WHAT NEEDS TO BE DONE ->
Return exactly the span of lines in the following data that opens with the line containing "#90122=CARTESIAN_POINT('',(-200.,0.,400.));" and closes with the line containing "#89985=EDGE_CURVE('',#41559,#41565,#33050,.T.);". Include nothing else.

DATA UNDER STUDY ->
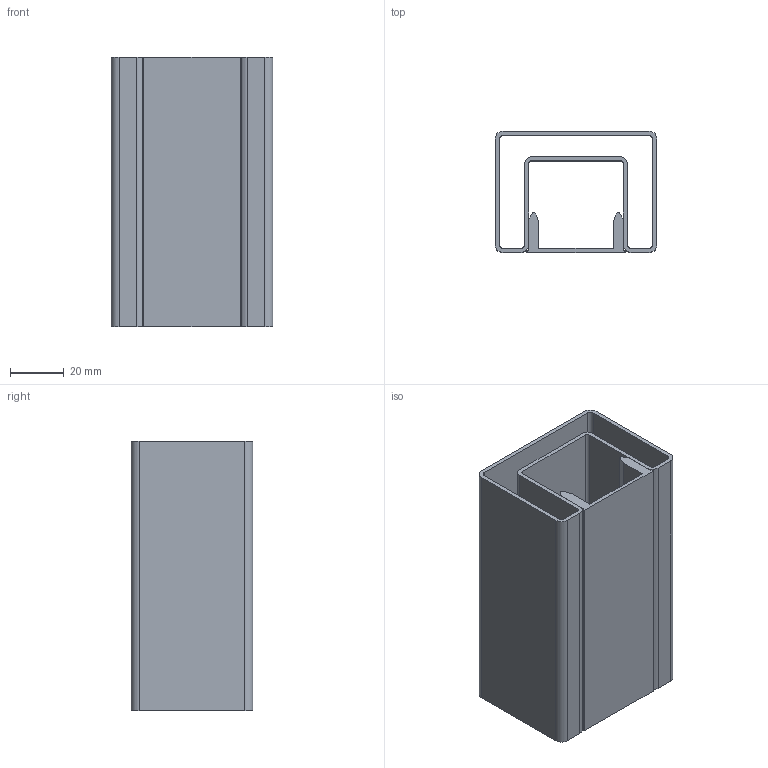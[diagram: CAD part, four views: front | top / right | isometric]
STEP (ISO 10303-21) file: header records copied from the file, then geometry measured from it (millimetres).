
FILE_DESCRIPTION (( 'STEP AP214' ), '1' );
FILE_NAME ('Ronny Basic.STEP', '2021-09-23T13:33:58', ( '' ), ( '' ), 'SwSTEP 2.0', 'SolidWorks 2010', '' );
FILE_SCHEMA (( 'AUTOMOTIVE_DESIGN' ));
Length unit declared in the file: millimetre
Products named in the file (3): Profil-Ronny-60-45; Abdeckung-Nina-Ronny; Ronny Basic
Assembly tree (2 placements, depth 2):
  Ronny Basic
    Abdeckung-Nina-Ronny
    Profil-Ronny-60-45
Bounding box: 60 x 45 x 100 mm (x, y, z)
Volume: 54088 mm3; surface area: 66354.5 mm2
Topology: 2 solids, 2 shells, 57 faces, 159 edges, 106 vertices
Faces by surface type: plane 32, cylinder 25
Entity records: 2210 total; most frequent: DIRECTION 333, CARTESIAN_POINT 327, ORIENTED_EDGE 318, EDGE_CURVE 159, AXIS2_PLACEMENT_3D 112, LINE 109, VECTOR 109, VERTEX_POINT 106
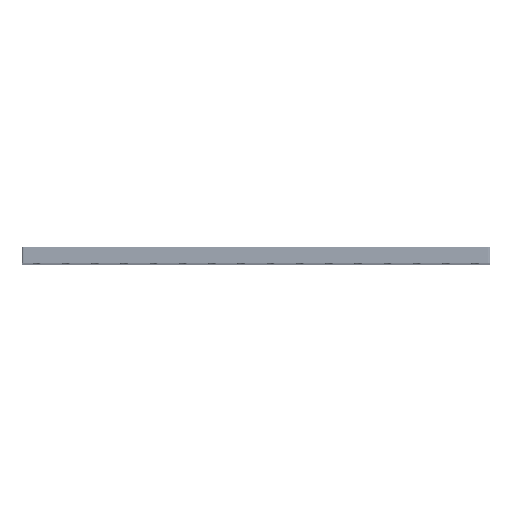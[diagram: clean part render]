
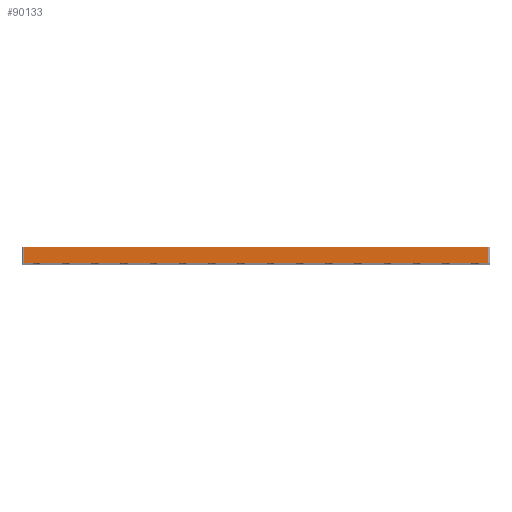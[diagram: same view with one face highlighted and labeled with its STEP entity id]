
A CAD part, top view. The second image highlights one B-rep face of the part: STEP entity #90133.
In plain terms, the highlighted planar face has unit normal (0, 0, 1).
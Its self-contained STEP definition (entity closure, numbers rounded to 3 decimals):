
#32954=CARTESIAN_POINT('',(198.5,0.3,400.));
#32956=CARTESIAN_POINT('',(-198.5,0.3,400.));
#33041=CARTESIAN_POINT('',(-198.5,13.7,400.));
#33043=DIRECTION('',(0.,-1.,0.));
#33044=VECTOR('',#33043,13.4);
#33045=CARTESIAN_POINT('',(198.5,13.7,400.));
#33046=LINE('',#33045,#33044);
#33047=DIRECTION('',(-1.,0.,0.));
#33048=VECTOR('',#33047,397.);
#33049=CARTESIAN_POINT('',(198.5,0.3,400.));
#33050=LINE('',#33049,#33048);
#33051=DIRECTION('',(0.,-1.,0.));
#33052=VECTOR('',#33051,13.4);
#33053=CARTESIAN_POINT('',(-198.5,13.7,400.));
#33054=LINE('',#33053,#33052);
#33055=DIRECTION('',(1.,0.,0.));
#33056=VECTOR('',#33055,397.);
#33057=CARTESIAN_POINT('',(-198.5,13.7,400.));
#33058=LINE('',#33057,#33056);
#41559=VERTEX_POINT('',#32954);
#41560=CARTESIAN_POINT('',(198.5,13.7,400.));
#41561=VERTEX_POINT('',#41560);
#41565=VERTEX_POINT('',#32956);
#41573=VERTEX_POINT('',#33041);
#90122=CARTESIAN_POINT('',(-200.,0.,400.));
#90123=DIRECTION('',(0.,0.,1.));
#90124=DIRECTION('',(1.,0.,0.));
#90125=AXIS2_PLACEMENT_3D('',#90122,#90123,#90124);
#90126=PLANE('',#90125);
#90127=ORIENTED_EDGE('',*,*,#89963,.T.);
#90128=ORIENTED_EDGE('',*,*,#89985,.T.);
#90129=ORIENTED_EDGE('',*,*,#90005,.F.);
#90130=ORIENTED_EDGE('',*,*,#90115,.T.);
#90131=EDGE_LOOP('',(#90127,#90128,#90129,#90130));
#90132=FACE_OUTER_BOUND('',#90131,.F.);
#90133=ADVANCED_FACE('',(#90132),#90126,.T.);
#89963=EDGE_CURVE('',#41561,#41559,#33046,.T.);
#89985=EDGE_CURVE('',#41559,#41565,#33050,.T.);
#90005=EDGE_CURVE('',#41573,#41565,#33054,.T.);
#90115=EDGE_CURVE('',#41573,#41561,#33058,.T.);
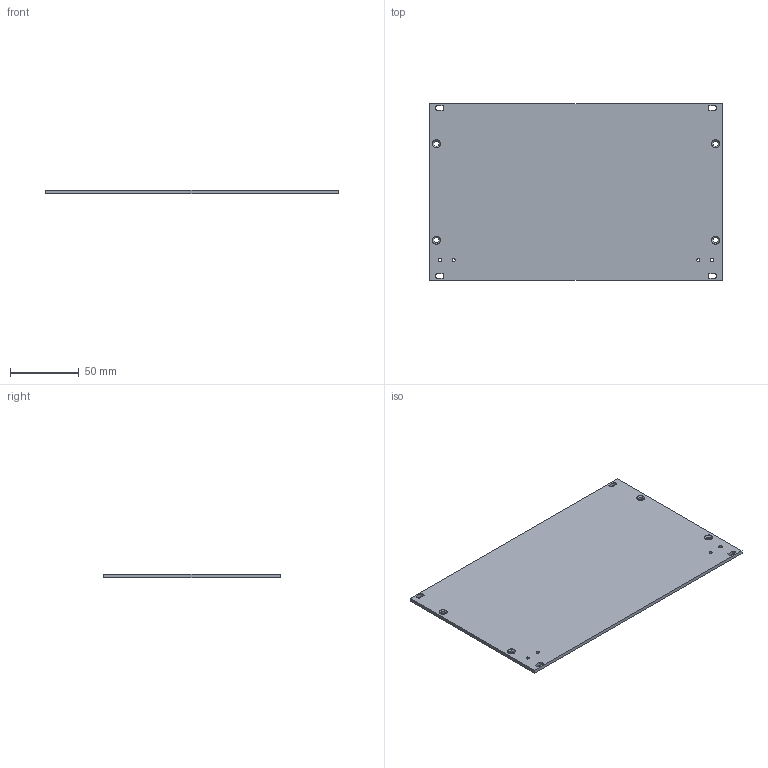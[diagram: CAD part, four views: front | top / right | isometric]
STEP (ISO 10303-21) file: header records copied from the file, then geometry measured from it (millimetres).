
FILE_DESCRIPTION(('STEP AP214'),'1');
FILE_NAME('34812142.stp','2019-03-13T09:31:15',('TraceParts'),('TraceParts S.A.'),'Spatial InterOp 3D',' ',' ');
FILE_SCHEMA(('automotive_design'));
Length unit declared in the file: millimetre
Products named in the file (1): 34812142
Bounding box: 213.02 x 128.4 x 2.5 mm (x, y, z)
Volume: 67992.5 mm3; surface area: 56479.5 mm2
Topology: 1 solids, 1 shells, 62 faces, 164 edges, 104 vertices
Faces by surface type: cylinder 40, plane 14, cone 8
Entity records: 2509 total; most frequent: DIRECTION 370, CARTESIAN_POINT 331, ORIENTED_EDGE 328, EDGE_CURVE 164, AXIS2_PLACEMENT_3D 143, VERTEX_POINT 104, EDGE_LOOP 86, LINE 84

SOLUTION TO THIS PROBLEM ->
#90122=CARTESIAN_POINT('',(-200.,0.,400.));
#90123=DIRECTION('',(0.,0.,1.));
#90124=DIRECTION('',(1.,0.,0.));
#90125=AXIS2_PLACEMENT_3D('',#90122,#90123,#90124);
#90126=PLANE('',#90125);
#90127=ORIENTED_EDGE('',*,*,#89963,.T.);
#90128=ORIENTED_EDGE('',*,*,#89985,.T.);
#90129=ORIENTED_EDGE('',*,*,#90005,.F.);
#90130=ORIENTED_EDGE('',*,*,#90115,.T.);
#90131=EDGE_LOOP('',(#90127,#90128,#90129,#90130));
#90132=FACE_OUTER_BOUND('',#90131,.F.);
#90133=ADVANCED_FACE('',(#90132),#90126,.T.);
#89963=EDGE_CURVE('',#41561,#41559,#33046,.T.);
#89985=EDGE_CURVE('',#41559,#41565,#33050,.T.);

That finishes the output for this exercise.